Alibaba has released a new language model called Qwen3-Next, built on a customized MoE architecture. The company says the model runs much faster than its predecessors without losing performance.
The earlier Qwen3 model used 128 experts, activating 8 at each inference step. Qwen3-Next expands that layer to 512 experts but only activates 10 of them plus a shared expert. According to Alibaba, this setup delivers more than 10 times the speed of Qwen3-32B, especially with long inputs over 32,000 tokens.
The architecture also includes several tweaks to stabilize training. These help avoid issues like uneven expert use, numerical instability, or initialization errors. Among them are normalized initialization for router parameters and output gating in attention layers.
In addition to the base model, Alibaba introduced two specialized versions: Qwen3-Next-80B-A3B-Instruct for general-purpose tasks and Qwen3-Next-80B-A3B-Thinking for reasoning-heavy problems.
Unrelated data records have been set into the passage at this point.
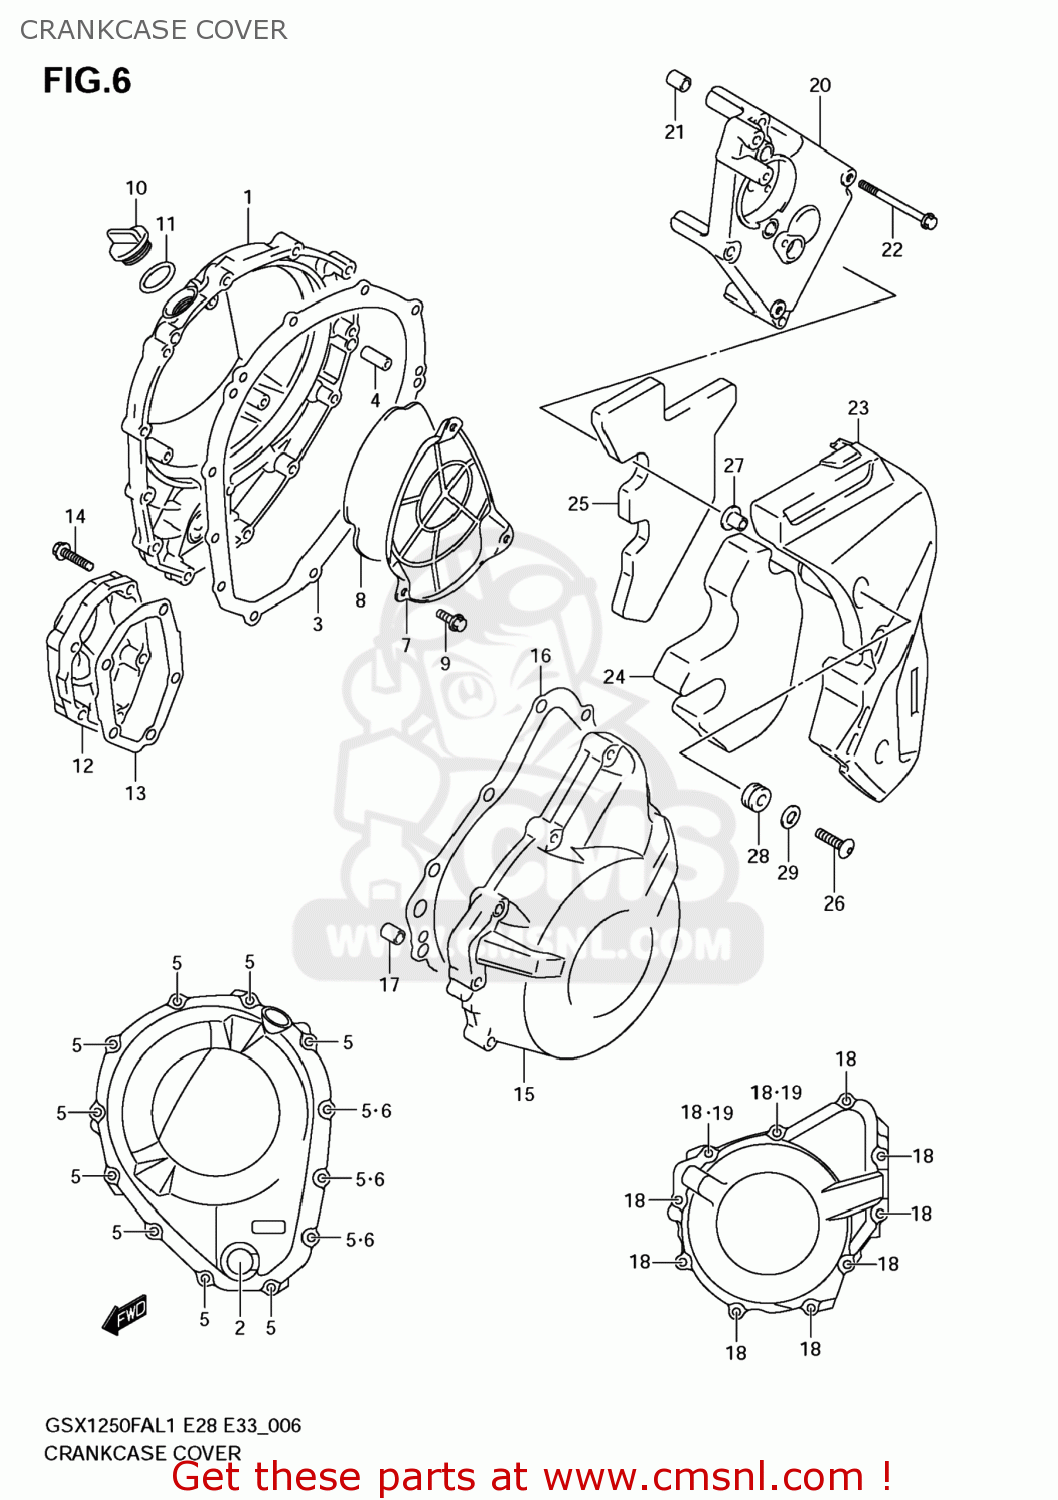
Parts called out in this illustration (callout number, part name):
1	COVER,CLUTCH
2	LENS,OIL LEVEL CHECK
3	GASKET,CL COVER (NAS)
4	PIN
5	BOLT(6X30)
6	GASKET(5.8X13X1.2) (NAS)
7	PLATE,CLUTCH COVER
8	DAMPER,CLUTCH COVER
9	BOLT
10	PLUG,ENGINE OIL FILLER
11	O RING(D:3.1,ID:16.8)
12	COVER,CRANKSHAFT,R
13	GASKET,CRANKSHAFT,R COVER (NAS)
14	BOLT(6X30)
15	COVER,MAGNETO
16	GASKET,MAGNETO COVER (NAS)
17	PIN
18	BOLT(6X30)
19	GASKET(5.8X13X1.2) (NAS)
20	COVER,ENGINE SPROCKET INNER
21	PIN
22	BOLT
23	COVER,ENGINE SPROCKET OUTER
24	CUSHION,ENG SPRKT COVER NO.1
25	CUSHION,ENG SPRKT COVER NO.2
26	SCREW(6X25)
27	WASHER
28	CUSHION
29	WASHER(6.5X16X1.2)
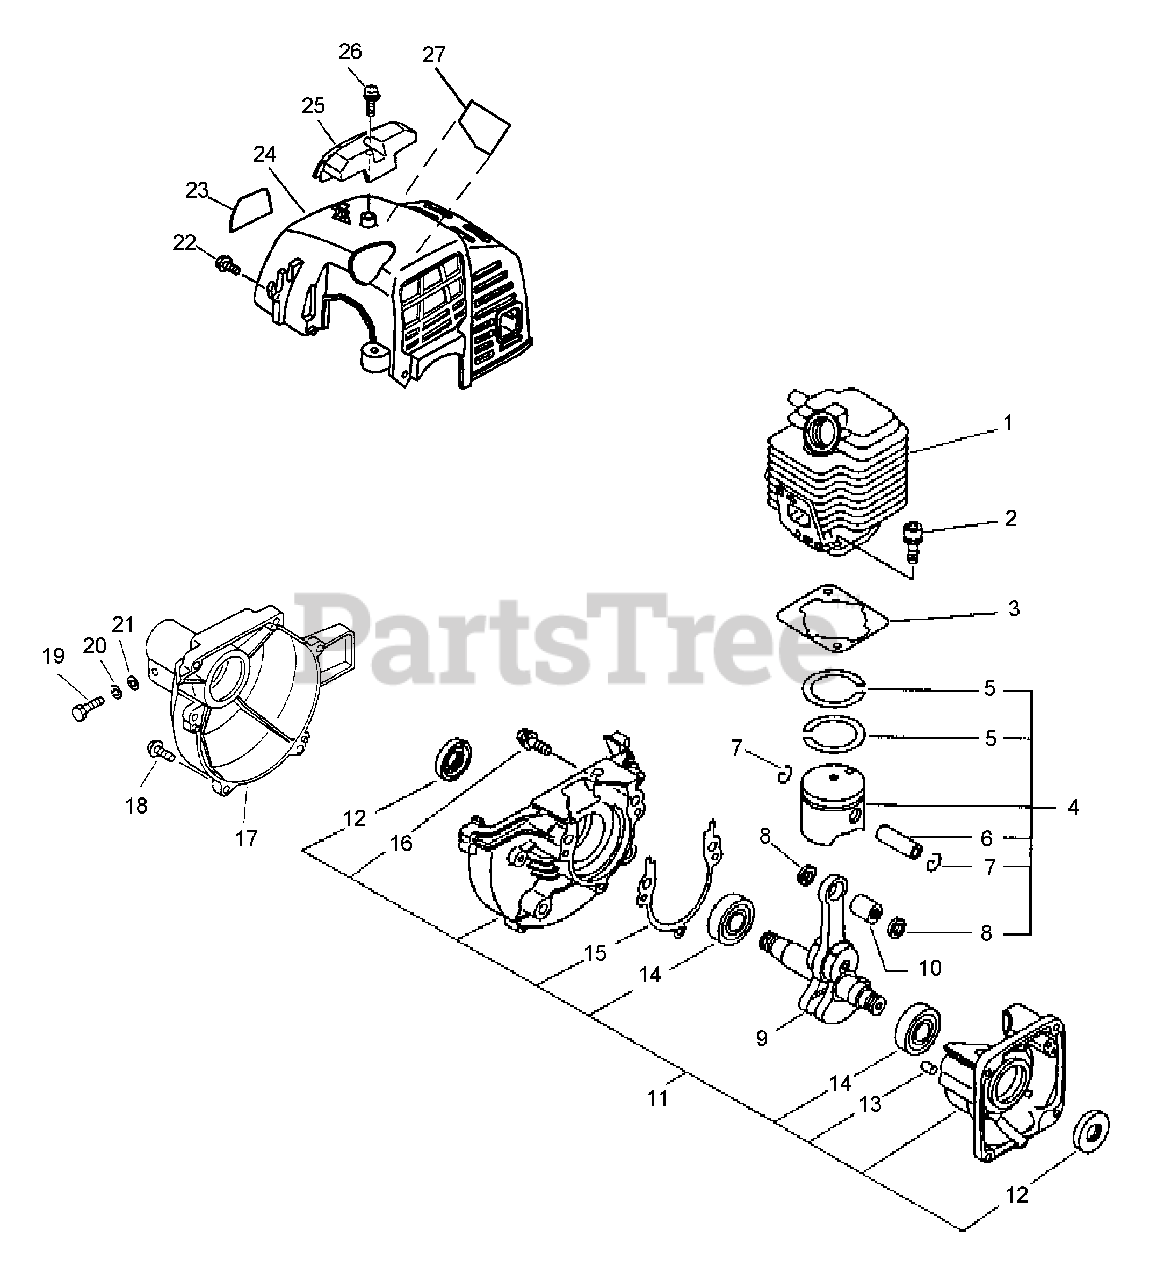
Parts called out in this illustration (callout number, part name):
1	CYLINDER
2	BOLT 5×22
3	GASKET, CYLINDER
4	PISTON KIT
5	RING, PISTON
6	PIN, PISTON 8
7	RING, SNAP
8	WASHER, THRUST
9	CRANKSHAFT ASSY
10	BEARING, NEEDLE
11	CRANKCASE ASSY
12	SEAL, OIL 12
13	PIN, LOCATING 4
14	BEARING, BALL - 6201 C3
15	GASKET, CRANKCASE
16	BOLT 5×28
17	CASE, FAN
18	BOLT 4×16
19	BOLT 5×25
20	WASHER, SPRING 5
21	WASHER, FLAT 5.5×10×0.8
22	SCREW 4×12
23	LABEL - MODEL
24	COVER, ENGINE - ORANGE
25	GUARD, TOP - BLACK
26	SCREW 5×16
27	LABEL, CAUTION

The company says the smaller Instruct model performs nearly on par with its flagship Qwen3-235B-A22B-Instruct, particularly with long contexts up to 256,000 tokens. The Thinking model reportedly beats Google's closed Gemini 2.5 Flash Thinking on several benchmarks and comes close to Alibaba's own top-tier Qwen3-235B-A22B-Thinking in key metrics.

The models are available on Hugging Face, ModelScope, and the Nvidia API Catalog. For running them on private servers, the team recommends specialized frameworks like sglang or vllm. Current context windows go up to 256,000 tokens, and with specialized techniques, as high as one million.